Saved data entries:
╭──

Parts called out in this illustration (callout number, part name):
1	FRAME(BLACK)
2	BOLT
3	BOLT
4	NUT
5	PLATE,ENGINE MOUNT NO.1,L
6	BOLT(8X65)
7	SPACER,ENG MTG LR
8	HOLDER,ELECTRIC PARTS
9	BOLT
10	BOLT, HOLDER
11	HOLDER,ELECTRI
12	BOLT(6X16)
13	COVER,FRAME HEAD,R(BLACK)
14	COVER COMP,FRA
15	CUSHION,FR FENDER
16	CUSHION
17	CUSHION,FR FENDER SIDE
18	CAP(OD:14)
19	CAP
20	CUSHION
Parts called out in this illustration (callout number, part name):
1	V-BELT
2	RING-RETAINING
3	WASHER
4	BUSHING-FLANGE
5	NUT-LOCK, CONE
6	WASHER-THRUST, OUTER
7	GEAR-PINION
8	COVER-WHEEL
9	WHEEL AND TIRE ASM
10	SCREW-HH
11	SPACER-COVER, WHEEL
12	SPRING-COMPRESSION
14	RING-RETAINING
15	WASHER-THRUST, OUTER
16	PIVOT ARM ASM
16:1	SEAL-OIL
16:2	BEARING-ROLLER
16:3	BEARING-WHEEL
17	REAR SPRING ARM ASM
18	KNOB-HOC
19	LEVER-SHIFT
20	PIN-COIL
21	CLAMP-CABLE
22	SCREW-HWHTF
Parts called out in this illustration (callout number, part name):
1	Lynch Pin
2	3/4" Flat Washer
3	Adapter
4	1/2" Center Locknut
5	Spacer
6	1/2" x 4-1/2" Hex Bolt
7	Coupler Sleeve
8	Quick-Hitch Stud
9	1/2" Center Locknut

╰──
╭──

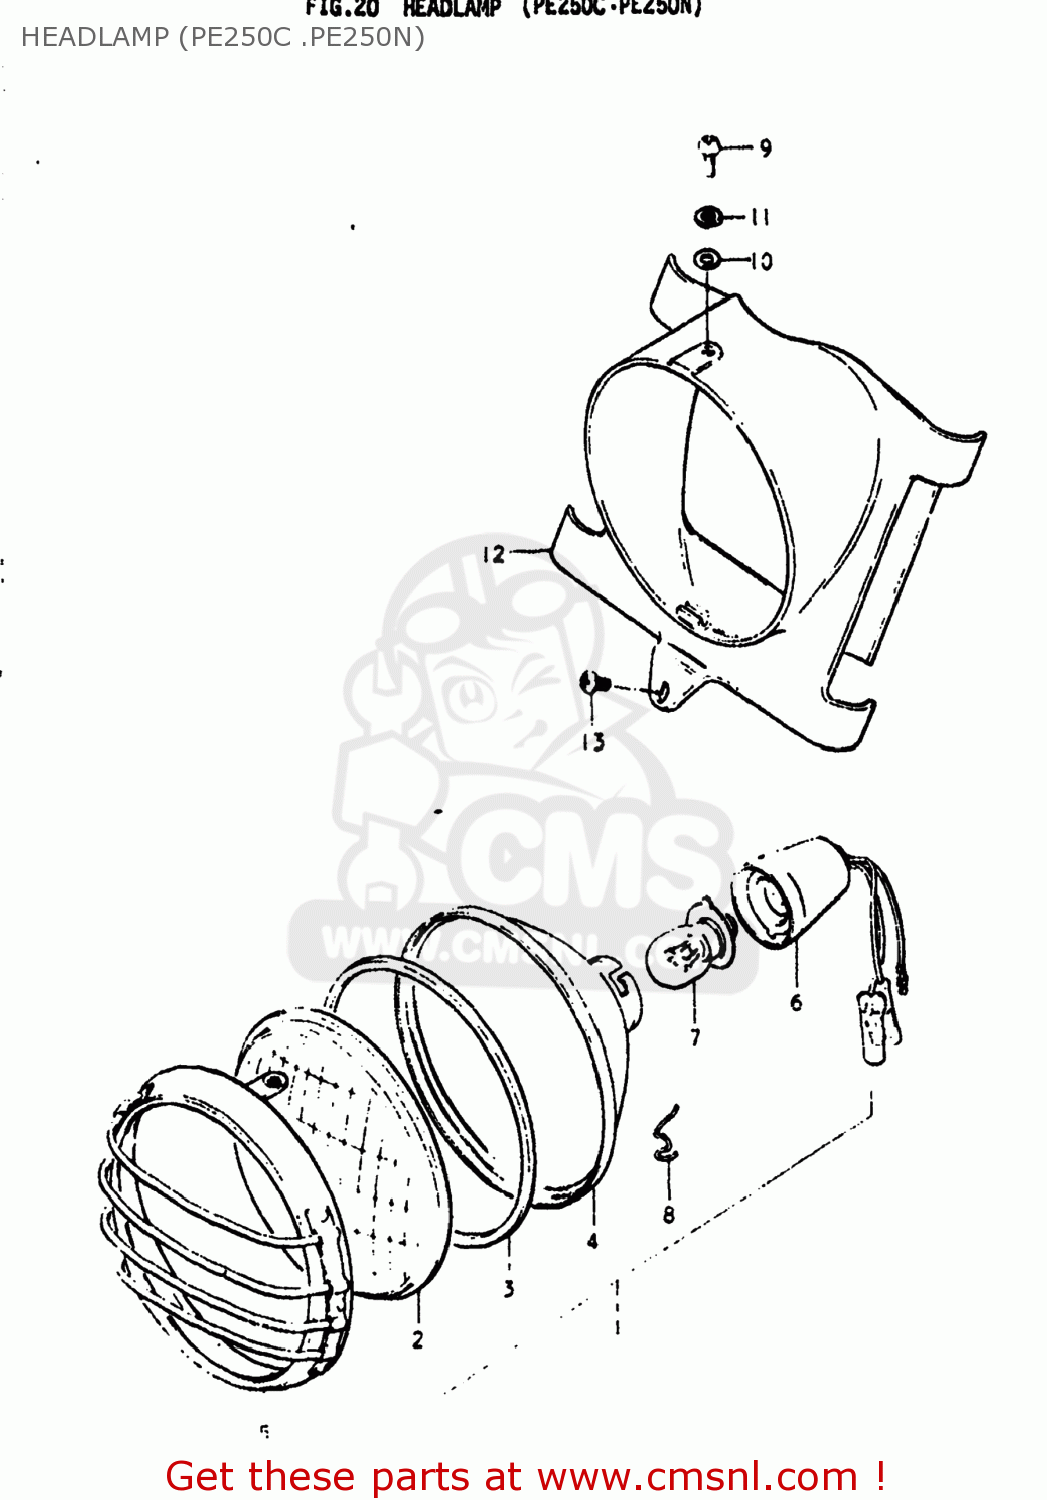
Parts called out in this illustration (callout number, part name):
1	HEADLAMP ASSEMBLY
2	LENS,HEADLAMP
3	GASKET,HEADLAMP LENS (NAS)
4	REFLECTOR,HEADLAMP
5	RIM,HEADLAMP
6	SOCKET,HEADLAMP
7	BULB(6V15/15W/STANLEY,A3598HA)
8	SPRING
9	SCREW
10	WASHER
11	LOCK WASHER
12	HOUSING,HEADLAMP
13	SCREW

╰──
╭──

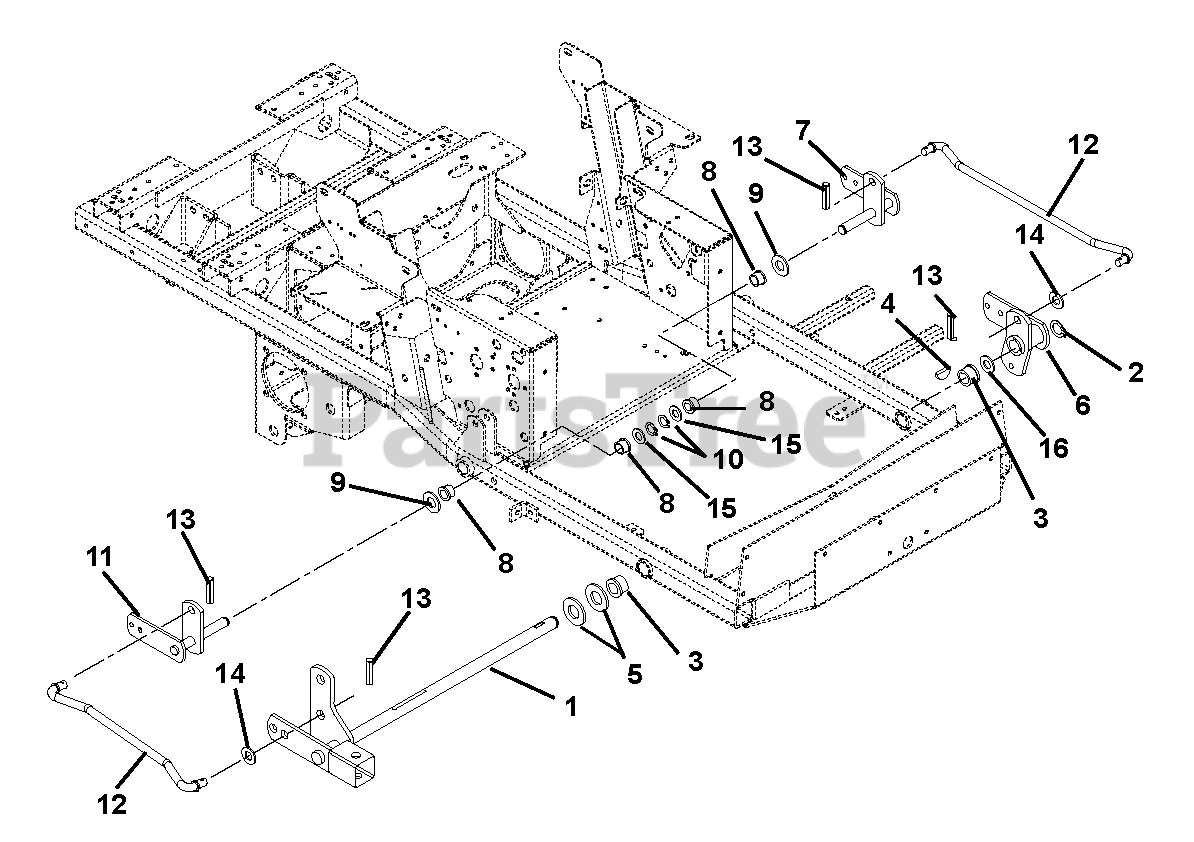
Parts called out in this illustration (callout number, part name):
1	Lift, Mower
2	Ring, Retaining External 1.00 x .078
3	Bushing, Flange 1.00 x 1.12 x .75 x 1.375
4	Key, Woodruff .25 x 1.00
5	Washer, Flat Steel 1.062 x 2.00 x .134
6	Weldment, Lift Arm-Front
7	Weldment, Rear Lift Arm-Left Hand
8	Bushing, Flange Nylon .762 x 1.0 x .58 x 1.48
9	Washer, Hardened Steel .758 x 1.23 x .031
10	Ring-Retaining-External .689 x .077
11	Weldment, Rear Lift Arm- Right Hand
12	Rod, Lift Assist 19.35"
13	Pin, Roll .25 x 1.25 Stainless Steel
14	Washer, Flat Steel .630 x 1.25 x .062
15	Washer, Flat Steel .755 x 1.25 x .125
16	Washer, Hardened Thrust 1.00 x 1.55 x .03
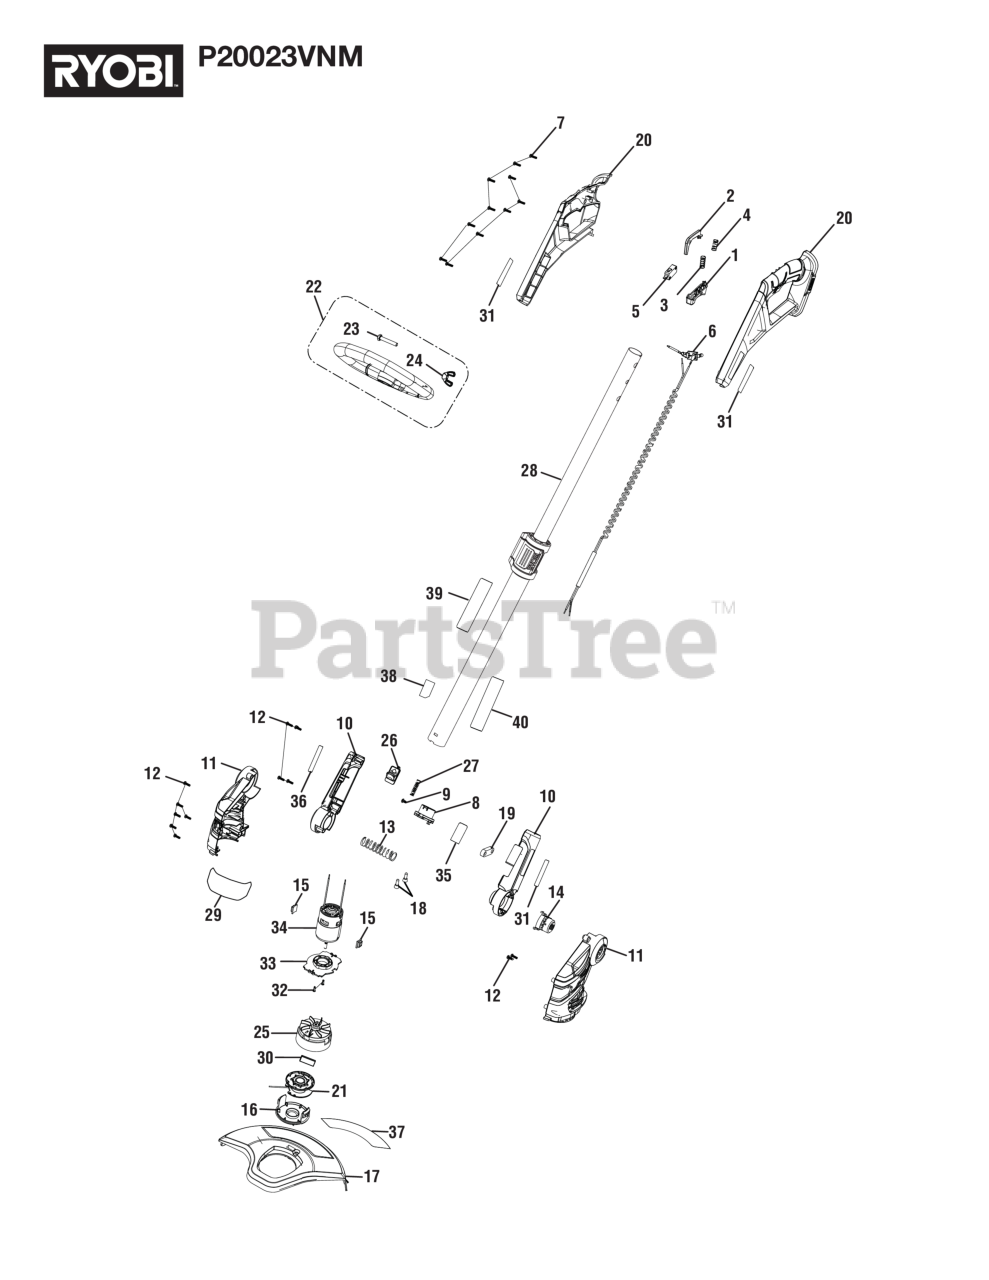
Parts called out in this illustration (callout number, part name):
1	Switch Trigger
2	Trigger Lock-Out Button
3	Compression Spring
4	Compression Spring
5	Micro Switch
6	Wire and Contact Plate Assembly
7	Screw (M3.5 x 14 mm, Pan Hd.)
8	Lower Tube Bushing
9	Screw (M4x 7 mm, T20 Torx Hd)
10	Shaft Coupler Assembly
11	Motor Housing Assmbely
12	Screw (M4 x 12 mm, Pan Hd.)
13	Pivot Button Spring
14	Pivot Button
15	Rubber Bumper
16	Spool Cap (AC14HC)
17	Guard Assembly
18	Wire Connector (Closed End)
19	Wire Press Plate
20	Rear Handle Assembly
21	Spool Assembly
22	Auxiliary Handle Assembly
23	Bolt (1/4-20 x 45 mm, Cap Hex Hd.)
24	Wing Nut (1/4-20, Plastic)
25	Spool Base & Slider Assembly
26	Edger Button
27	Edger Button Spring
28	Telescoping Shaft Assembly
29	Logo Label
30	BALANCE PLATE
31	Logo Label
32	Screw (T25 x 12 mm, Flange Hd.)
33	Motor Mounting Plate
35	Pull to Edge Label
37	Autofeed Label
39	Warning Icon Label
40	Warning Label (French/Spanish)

╰──

Goal of the exercise:
Go line by line through the data above and report each one that holds the string "Wire".

Response to the task:
6	Wire and Contact Plate Assembly
18	Wire Connector (Closed End)
19	Wire Press Plate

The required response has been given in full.